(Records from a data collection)

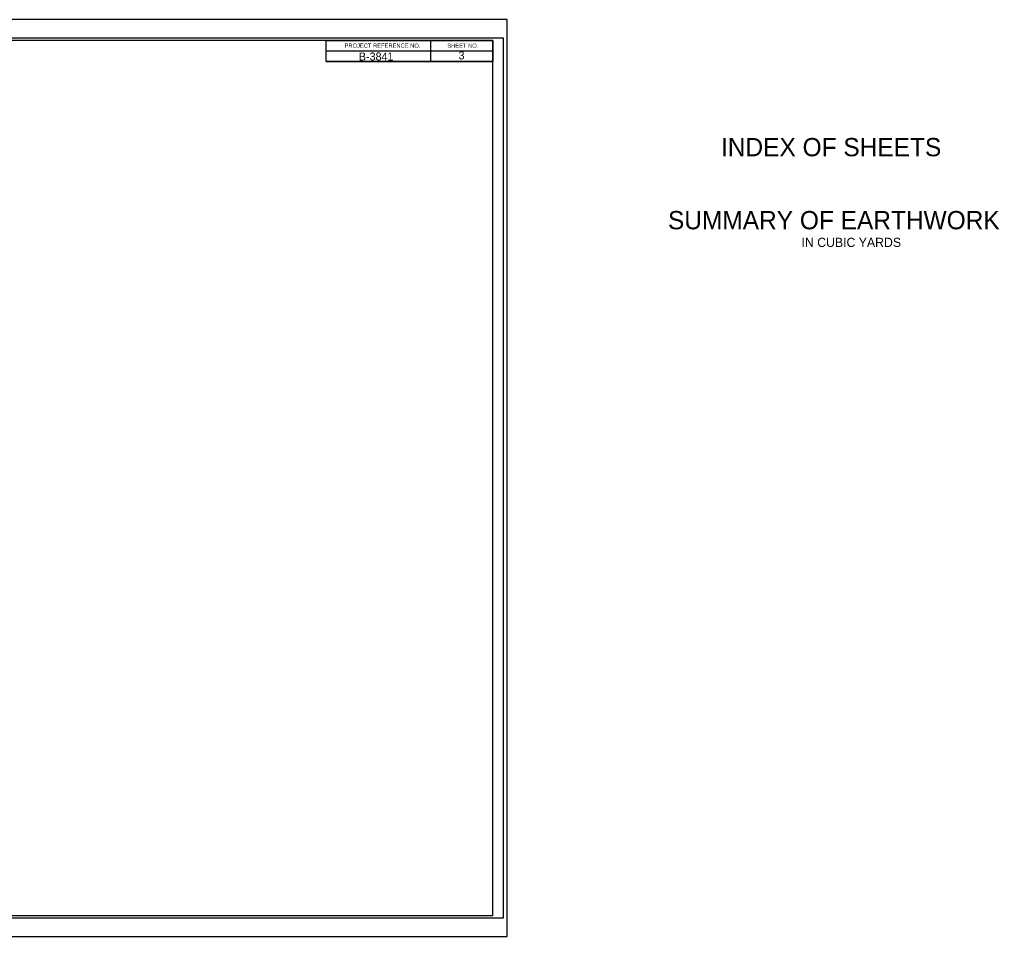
# Model space of a CAD drawing. Extents: x 573359 to 575895, y -54193 to -50493.
# Drawn here: x 574719 to 575895, y -54193 to -53093 of the extents above; entities that cross this region are included whole.
import ezdxf

# ---------------------------------------------------------------- set-up
doc = ezdxf.new("R2010")
doc.units = 0
for name, color, linetype in [('Prop Dimension Text', 7, 'Continuous'), ('Sheet Cutting Line CELL', 7, 'Continuous'), ('Sheet Plot Border Inside CELL', 7, 'Continuous'), ('Sheet Plot Border Outside CELL', 7, 'Continuous'), ('Sheet Summary CELL', 7, 'Continuous')]:
    doc.layers.add(name, color=color, linetype=linetype)

msp = doc.modelspace()

# ---------------------------------------------------------------- linework, layer by layer
at = {"layer": 'Sheet Cutting Line CELL'}
for p, q in [((575304.2, -53092.8), (573620.2, -53092.8)), ((573620.2, -54192.8), (575304.2, -54192.8))]:
    msp.add_line(p, q, dxfattribs=at)
at = {"layer": 'Sheet Plot Border Inside CELL'}
msp.add_lwpolyline([(575299.7, -53115.3), (573633.2, -53115.3), (573633.2, -54170.4), (575299.7, -54170.4)], close=True, dxfattribs=at)
at = {"layer": 'Sheet Plot Border Outside CELL'}
msp.add_lwpolyline([(575304.2, -53092.8), (573620.2, -53092.8), (573620.2, -54192.8), (575304.2, -54192.8)], close=True, dxfattribs=at)
at = {"layer": 'Sheet Summary CELL'}
for p, q in [((575212.2, -53117.9), (575212.2, -53142.9)), ((575087.1, -53130.4), (575287.2, -53130.4)), ((575087.1, -53142.9), (575287.2, -53142.9))]:
    msp.add_line(p, q, dxfattribs=at)
for points in [[(575287.2, -53117.8), (573787.2, -53117.8), (573787.2, -54167.8), (575287.2, -54167.8)], [(575087.1, -53117.8), (575287.2, -53117.8), (575287.2, -53142.9), (575087.1, -53142.9)]]:
    msp.add_lwpolyline(points, close=True, dxfattribs=at)

# ---------------------------------------------------------------- texts
at = {"layer": 'Prop Dimension Text'}
for s, p in [('B-3841', (575126.5, -53141.9)), ('3', (575246, -53140.6))]:
    msp.add_text(s, height=9.6, dxfattribs=at).set_placement(p)
at = {"layer": 'Sheet Summary CELL'}
for s, height, p in [('PROJECT REFERENCE NO.', 5, (575109.3, -53126.5)), ('SHEET NO.', 5, (575232.5, -53126.6)), ('INDEX OF SHEETS', 21.95, (575560.8, -53256.8)), ('SUMMARY OF EARTHWORK', 21.95, (575497.2, -53344.4)), ('IN CUBIC YARDS', 11, (575657.4, -53365.6))]:
    msp.add_text(s, height=height, dxfattribs=at).set_placement(p)

doc.saveas('drawing.dxf')

- Task instructions
Please retype the records above exactly, but leave out any pictures.

- Response area
# Model space of a CAD drawing. Extents: x 573359 to 575895, y -54193 to -50493.
# Drawn here: x 574719 to 575895, y -54193 to -53093 of the extents above; entities that cross this region are included whole.
import ezdxf

# ---------------------------------------------------------------- set-up
doc = ezdxf.new("R2010")
doc.units = 0
for name, color, linetype in [('Prop Dimension Text', 7, 'Continuous'), ('Sheet Cutting Line CELL', 7, 'Continuous'), ('Sheet Plot Border Inside CELL', 7, 'Continuous'), ('Sheet Plot Border Outside CELL', 7, 'Continuous'), ('Sheet Summary CELL', 7, 'Continuous')]:
    doc.layers.add(name, color=color, linetype=linetype)

msp = doc.modelspace()

# ---------------------------------------------------------------- linework, layer by layer
at = {"layer": 'Sheet Cutting Line CELL'}
for p, q in [((575304.2, -53092.8), (573620.2, -53092.8)), ((573620.2, -54192.8), (575304.2, -54192.8))]:
    msp.add_line(p, q, dxfattribs=at)
at = {"layer": 'Sheet Plot Border Inside CELL'}
msp.add_lwpolyline([(575299.7, -53115.3), (573633.2, -53115.3), (573633.2, -54170.4), (575299.7, -54170.4)], close=True, dxfattribs=at)
at = {"layer": 'Sheet Plot Border Outside CELL'}
msp.add_lwpolyline([(575304.2, -53092.8), (573620.2, -53092.8), (573620.2, -54192.8), (575304.2, -54192.8)], close=True, dxfattribs=at)
at = {"layer": 'Sheet Summary CELL'}
for p, q in [((575212.2, -53117.9), (575212.2, -53142.9)), ((575087.1, -53130.4), (575287.2, -53130.4)), ((575087.1, -53142.9), (575287.2, -53142.9))]:
    msp.add_line(p, q, dxfattribs=at)
for points in [[(575287.2, -53117.8), (573787.2, -53117.8), (573787.2, -54167.8), (575287.2, -54167.8)], [(575087.1, -53117.8), (575287.2, -53117.8), (575287.2, -53142.9), (575087.1, -53142.9)]]:
    msp.add_lwpolyline(points, close=True, dxfattribs=at)

# ---------------------------------------------------------------- texts
at = {"layer": 'Prop Dimension Text'}
for s, p in [('B-3841', (575126.5, -53141.9)), ('3', (575246, -53140.6))]:
    msp.add_text(s, height=9.6, dxfattribs=at).set_placement(p)
at = {"layer": 'Sheet Summary CELL'}
for s, height, p in [('PROJECT REFERENCE NO.', 5, (575109.3, -53126.5)), ('SHEET NO.', 5, (575232.5, -53126.6)), ('INDEX OF SHEETS', 21.95, (575560.8, -53256.8)), ('SUMMARY OF EARTHWORK', 21.95, (575497.2, -53344.4)), ('IN CUBIC YARDS', 11, (575657.4, -53365.6))]:
    msp.add_text(s, height=height, dxfattribs=at).set_placement(p)

doc.saveas('drawing.dxf')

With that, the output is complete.